Estábamos en el ecuador de la Premier League y ya tenía bastante con no poder seguir las demás jornadas. Harvey solía tener la televisión encendida en el bar, pero el curro me hacía imposible prestarles atención a los partidos. Así que siempre recibía el domingo con los brazos abiertos, deseando que llegase la hora de tirarme en el sofá, dejar la mente en blanco y disfrutar del Chelsea con una cerveza.

Claro que aquel domingo era distinto.

Maia y yo habíamos comido juntos por primera vez, si no contábamos los intentos de cena que habíamos hecho el martes y el miércoles.

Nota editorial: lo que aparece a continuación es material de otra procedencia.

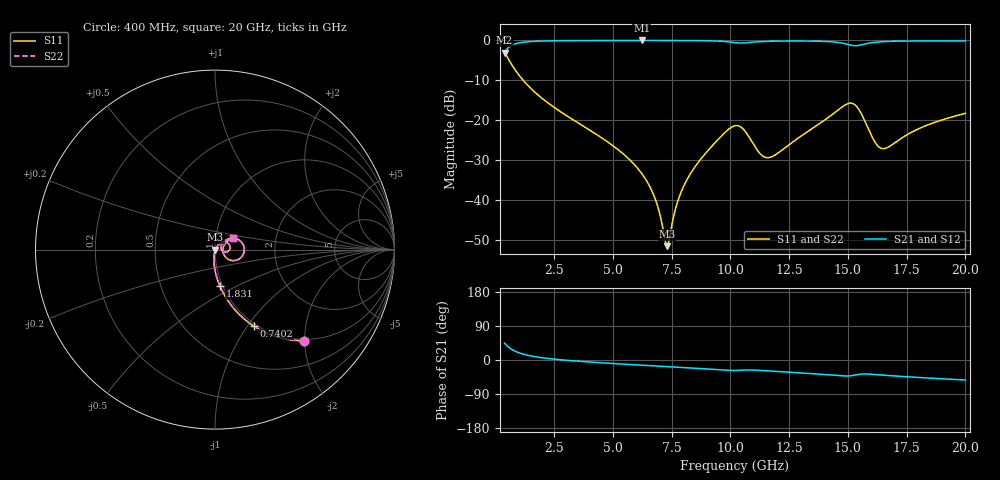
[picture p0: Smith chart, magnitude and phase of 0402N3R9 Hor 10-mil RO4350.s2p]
# GHz S MA R 50
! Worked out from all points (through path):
!   1960 points, 400 MHz to 20 GHz, reference 50 ohm
!   highest |S21| = -0.02 dB at 6.233 GHz (marker M1); lowest = -3.1 dB at 400 MHz (marker M2)
!   group delay of S21, straight-line fit = 9.25 ps
!   lowest |S11| = -51.6 dB at 7.314 GHz (marker M3), VSWR 1.01, Z = 50.2 - j0.0871 ohm
!   |S11| at or under -10 dB: 1.188 GHz to end of sweep
!   |S22| runs from -51.6 to -3.0 dB; largest |S21 - S12| = 0
!   S11 on the Smith chart (normalised r, x): 400 MHz: 0.97, -1.99; 740.2 MHz: 0.97, -1.07; 1.831 GHz: 0.97, -0.41; 20 GHz: 1.22, +0.16
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0.4  0.7102 -45.7  0.7035 44.3  0.7035 44.3  0.7102 -45.7
0.7401736  0.4765 -63.2  0.8784 26.7  0.8784 26.7  0.4765 -63.2
1.83073  0.2053 -82.2  0.9775 7.5  0.9775 7.5  0.2053 -82.2
3.671669  0.08666 -92.9  0.9947 -3.8  0.9947 -3.8  0.08666 -92.9
5.282491  0.0413 -98.0  0.9972 -10.3  0.9972 -10.3  0.0413 -98.0
6.232976  0.02133 -98.5  0.9976 -13.7  0.9976 -13.7  0.02133 -98.5
6.943338  0.007681 -88.7  0.9974 -16.1  0.9974 -16.1  0.007681 -88.7
7.313527  0.002619 -19.3  0.9971 -17.4  0.9971 -17.4  0.002619 -19.3
7.763757  0.009552 51.3  0.9964 -19.0  0.9964 -19.0  0.009552 51.3
8.223992  0.01942 56.5  0.9951 -20.7  0.9951 -20.7  0.01942 56.5
9.254518  0.04845 49.8  0.9855 -24.7  0.9855 -24.7  0.04845 49.8
10.205  0.08498 16.2  0.9365 -27.6  0.9365 -27.6  0.08498 16.2
10.53517  0.07786 -4.1  0.9272 -26.7  0.9272 -26.7  0.07786 -4.1
11.23553  0.03885 -8.4  0.9627 -27.3  0.9627 -27.3  0.03885 -8.4
11.5757  0.03372 9.7  0.9728 -28.5  0.9728 -28.5  0.03372 9.7
13.46667  0.07763 41.3  0.9795 -36.0  0.9795 -36.0  0.07763 41.3
15.17754  0.1625 -4.3  0.8644 -41.1  0.8644 -41.1  0.1625 -4.3
15.4977  0.1316 -26.9  0.8698 -37.6  0.8698 -37.6  0.1316 -26.9
16.24809  0.04832 -20.2  0.9534 -38.7  0.9534 -38.7  0.04832 -20.2
16.73834  0.04614 12.1  0.9709 -41.0  0.9709 -41.0  0.04614 12.1
18.12905  0.08068 34.0  0.9828 -46.5  0.9828 -46.5  0.08068 34.0
20  0.1214 32.7  0.9826 -52.9  0.9826 -52.9  0.1214 32.7
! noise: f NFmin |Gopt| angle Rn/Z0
0.4  0.001456  0.8136  2.21  0.001629
2.571  0.004721  0.659  6.883  0.002636
4.752  0.007224  0.6032  11.78  0.003327
6.933  0.0105  0.604  16.6  0.004803
9.104  0.02525  0.764  21.54  0.02098
11.29  0.05119  0.8501  26.66  0.06892
13.47  0.0388  0.7761  31.5  0.03286
15.64  0.1098  0.9028  36.5  0.2232
17.82  0.04117  0.7347  41.08  0.02727
20  0.03436  0.6634  45.35  0.01676
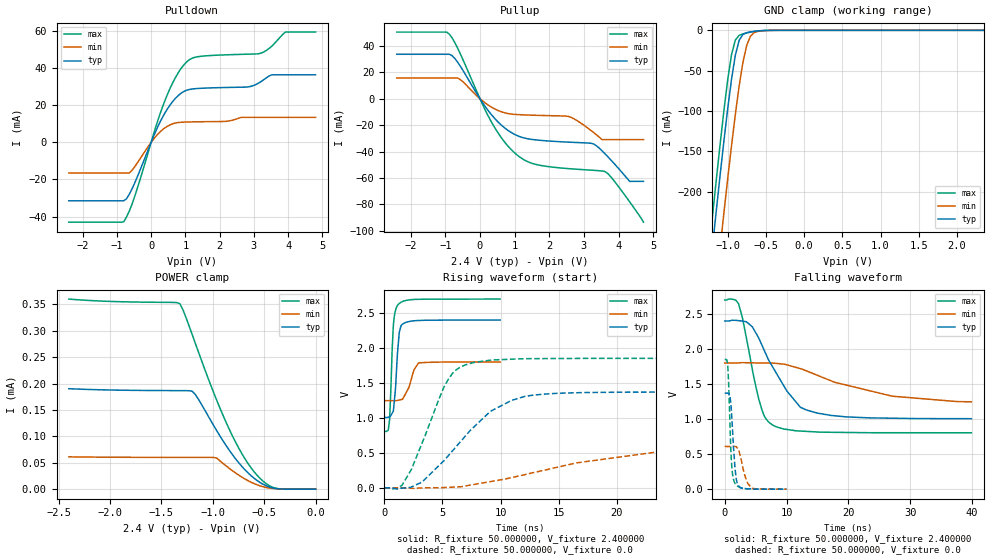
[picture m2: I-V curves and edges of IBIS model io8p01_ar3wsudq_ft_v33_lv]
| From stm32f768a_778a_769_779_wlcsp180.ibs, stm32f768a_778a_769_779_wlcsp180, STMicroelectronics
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|   Model io8p01_ar3wsudq_ft_v33_lv
[Model]  io8p01_ar3wsudq_ft_v33_lv
Model_type I/O
Polarity   Non-Inverting
Enable   Active-Low
Vinl =   0.720000V
Vinh =   1.680000V
Vmeas =  1.200000V
Cref =   50.000000pF
Rref =   100.000000M
Vref =   0.0V
C_comp   3.737900pF   3.690500pF   3.817400pF
[Temperature Range]   25.000000   0.125000k   -40.000000
[Pullup Reference]   2.400000V   1.800000V   2.700000V
[Pulldown Reference]   0.0V   0.0V   0.0V
[POWER Clamp Reference]   2.400000V   1.800000V   2.700000V
[GND Clamp Reference]   0.0V   0.0V   0.0V
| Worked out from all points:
|   slope of the pulldown table from 0 to 0.36 V, typ, clamps not added: 25 ohm
|   slope of the pullup table from 0 to 0.36 V, typ, clamps not added: 27.7 ohm
|   GND clamp passes 1 mA (typ) near -0.62 V on its own axis
|   rising waveform, R_fixture 50.000000, V_fixture 2.400000: 20-80 % time 349ps typ, 698ps min, 272ps max; typ from 1.01 V to 2.4 V
|   rising waveform, R_fixture 50.000000, V_fixture 0.0: 20-80 % time 4.74ns typ, 12.1ns min, 2.67ns max; typ from 0 V to 1.37 V
|   falling waveform, R_fixture 50.000000, V_fixture 2.400000: 20-80 % time 5.46ns typ, 12.5ns min, 2.7ns max; typ from 2.4 V to 1.01 V
|   falling waveform, R_fixture 50.000000, V_fixture 0.0: 20-80 % time 600ps typ, 1.08ns min, 462ps max; typ from 1.37 V to 0 V
[Pulldown]
|Voltage   I(typ)   I(min)   I(max)
-2.4V     -31.47mA   -16.45mA   -43.01mA
-800mV    -31.47mA   -16.45mA   -42.85mA
-480mV    -21.98mA   -13.17mA   -29.21mA
80mV      3.63mA     1.966mA    5.014mA
480mV     18.16mA    8.738mA    26.02mA
800mV     25.38mA    10.72mA    37.77mA
1.12V     28.53mA    11.02mA    44.6mA
2.8V      29.84mA    13.49mA    47.53mA
3.2V      32.65mA    13.49mA    48.04mA
3.52V     36.4mA     13.49mA    51.83mA
3.92V     36.4mA     13.49mA    59.44mA
4.8V      36.4mA     13.49mA    59.44mA
[Pullup]
|Voltage   I(typ)   I(min)   I(max)
-2.4V     33.56mA    15.57mA    50.33mA
-960mV    33.56mA    15.57mA    50.33mA
-800mV    32.44mA    15.57mA    45.78mA
-560mV    24.28mA    14.31mA    33.53mA
320mV     -11.75mA   -6.207mA   -17.08mA
960mV     -26.47mA   -11.82mA   -40.02mA
1.52V     -30.88mA   -12.51mA   -49.05mA
2.56V     -32.88mA   -13.52mA   -52.9mA
3.28V     -34.25mA   -25.62mA   -54.18mA
3.6V      -41.44mA   -30.97mA   -55.03mA
4.32V     -62.55mA   -30.97mA   -77.98mA
4.72V     -62.55mA   -30.97mA   -93.4mA
[GND_clamp]
|Voltage   I(typ)   I(min)   I(max)
-2.4V     -1.437A    -1.518A    -1.411A
-1.25V    -315.9mA   -407.2mA   -278.2mA
-1.2V     -270.1mA   -361.3mA   -232.1mA
-1.15V    -225mA     -316mA     -186.8mA
-1.1V     -180.9mA   -271.3mA   -142.7mA
-1.05V    -138.2mA   -227.5mA   -100.5mA
-950mV    -61.14mA   -143.6mA   -30.43mA
-900mV    -31.23mA   -104.7mA   -12.14mA
-850mV    -12.49mA   -69.4mA    -6.221mA
-750mV    -2.898mA   -18.35mA   -3.18mA
-600mV    -750.2uA   -1.218mA   -738.3uA
2.35V     0A         0A         0A
[POWER_clamp]
|Voltage   I(typ)   I(min)   I(max)
-2.4V     190.2uA    61.19uA    359.9uA
-1.32V    186.6uA    60.14uA    351.2uA
-1.29V    186.5uA    60.13uA    339.6uA
-1.2V     185.4uA    60.11uA    292.6uA
-1.17V    179.2uA    60.11uA    276.3uA
-960mV    110.2uA    58.62uA    167.5uA
-870mV    82.44uA    43.99uA    126.3uA
-750mV    50.58uA    26.92uA    78.64uA
-630mV    25.94uA    13.41uA    41.02uA
-510mV    9.22uA     4.527uA    14.97uA
-420mV    2.425uA    1.38uA     3.75uA
0V        0A         0A         0A
[Ramp]
| variable   typ   min   max
dV/dt_r  0.82224/4.73120n   0.38204/12.88202n   1.11114/2.67110n
dV/dt_f  0.83694/5.47115n   0.32190/12.54032n   1.13755/2.70126n
R_load = 50.000000
[Rising Waveform]
R_fixture= 50.000000
V_fixture= 2.400000
V_fixture_min= 1.800000
V_fixture_max= 2.700000
|time   V(typ)   V(min)   V(max)
0s        1.006V     1.247V     804.9mV
320.3ps   1.01V      1.247V     821.5mV
440.4ps   1.015V     1.247V     967.8mV
660.7ps   1.066V     1.247V     1.957V
760.8ps   1.095V     1.246V     2.304V
961ps     1.443V     1.246V     2.542V
1.201ns   2.074V     1.253V     2.625V
1.441ns   2.321V     1.262V     2.656V
2.943ns   2.393V     1.787V     2.696V
9.97ns    2.4V       1.8V       2.7V
[Rising Waveform]
R_fixture= 50.000000
V_fixture= 0.0
V_fixture_min= 0.0
V_fixture_max= 0.0
|time   V(typ)   V(min)   V(max)
0s        87.11uV    36.01uV    196.4uV
1.522ns   -4.905mV   -560.7uV   38.26mV
3.283ns   88.57mV    -888.5uV   656.7mV
5.526ns   463.6mV    6.763mV    1.558V
6.406ns   632.2mV    14.05mV    1.713V
7.688ns   866.4mV    46.62mV    1.792V
10.89ns   1.245V     143.4mV    1.839V
13.21ns   1.332V     230.9mV    1.848V
25.23ns   1.369V     551.4mV    1.851V
39.88ns   1.37V      609.1mV    1.851V
[Falling Waveform]
R_fixture= 50.000000
V_fixture= 2.400000
V_fixture_min= 1.800000
V_fixture_max= 2.700000
|time   V(typ)   V(min)   V(max)
0s        2.4V       1.8V       2.7V
2.242ns   2.405V     1.802V     2.646V
4.404ns   2.323V     1.804V     1.737V
5.526ns   2.152V     1.801V     1.28V
6.486ns   1.963V     1.8V       1.031V
7.768ns   1.742V     1.799V     914.4mV
12.25ns   1.168V     1.72V      829.4mV
14.97ns   1.085V     1.625V     816.2mV
27.07ns   1.013V     1.327V     805.4mV
39.88ns   1.006V     1.247V     804.9mV
[Falling Waveform]
R_fixture= 50.000000
V_fixture= 0.0
V_fixture_min= 0.0
V_fixture_max= 0.0
|time   V(typ)   V(min)   V(max)
0s        1.37V      609.1mV    1.851V
460.5ps   1.371V     609mV      1.796V
660.7ps   1.367V     608.9mV    1.449V
860.9ps   1.329V     608.8mV    893.9mV
1.161ns   1.005V     608.5mV    302.3mV
1.602ns   376.2mV    608.5mV    93.01mV
2.222ns   48.48mV    567.7mV    35.38mV
3.143ns   9.789mV    224.1mV    11.46mV
4.364ns   3.529mV    13.76mV    3.522mV
9.97ns    87.11uV    36.01uV    196.4uV

Lo cierto era que no había ido mal; por suerte tenía algo de comida con lo que poder preparar un plato decente, y a ella parecía haberle gustado. También habíamos aprovechado para hablar de ese tema, de nuestros gustos, y me alegró saber que Maia comía de todo, no le hacía ascos a casi nada y, además, le agradaba cocinar. Ya teníamos algo en común.

Después de recoger la cocina y poner una lavadora con la poca ropa que tenía en su maleta, no pude evitarlo y le lancé la pregunta:

—¿No quieres meter nada más?

La miré a los ojos, pero ella apartó la vista. Estaba tratando de andar con pies de plomo, sobre todo esos primeros días, más que nada para no incomodarla. Desde luego, menuda puntería tuve, porque aquello fue exactamente lo que conseguí.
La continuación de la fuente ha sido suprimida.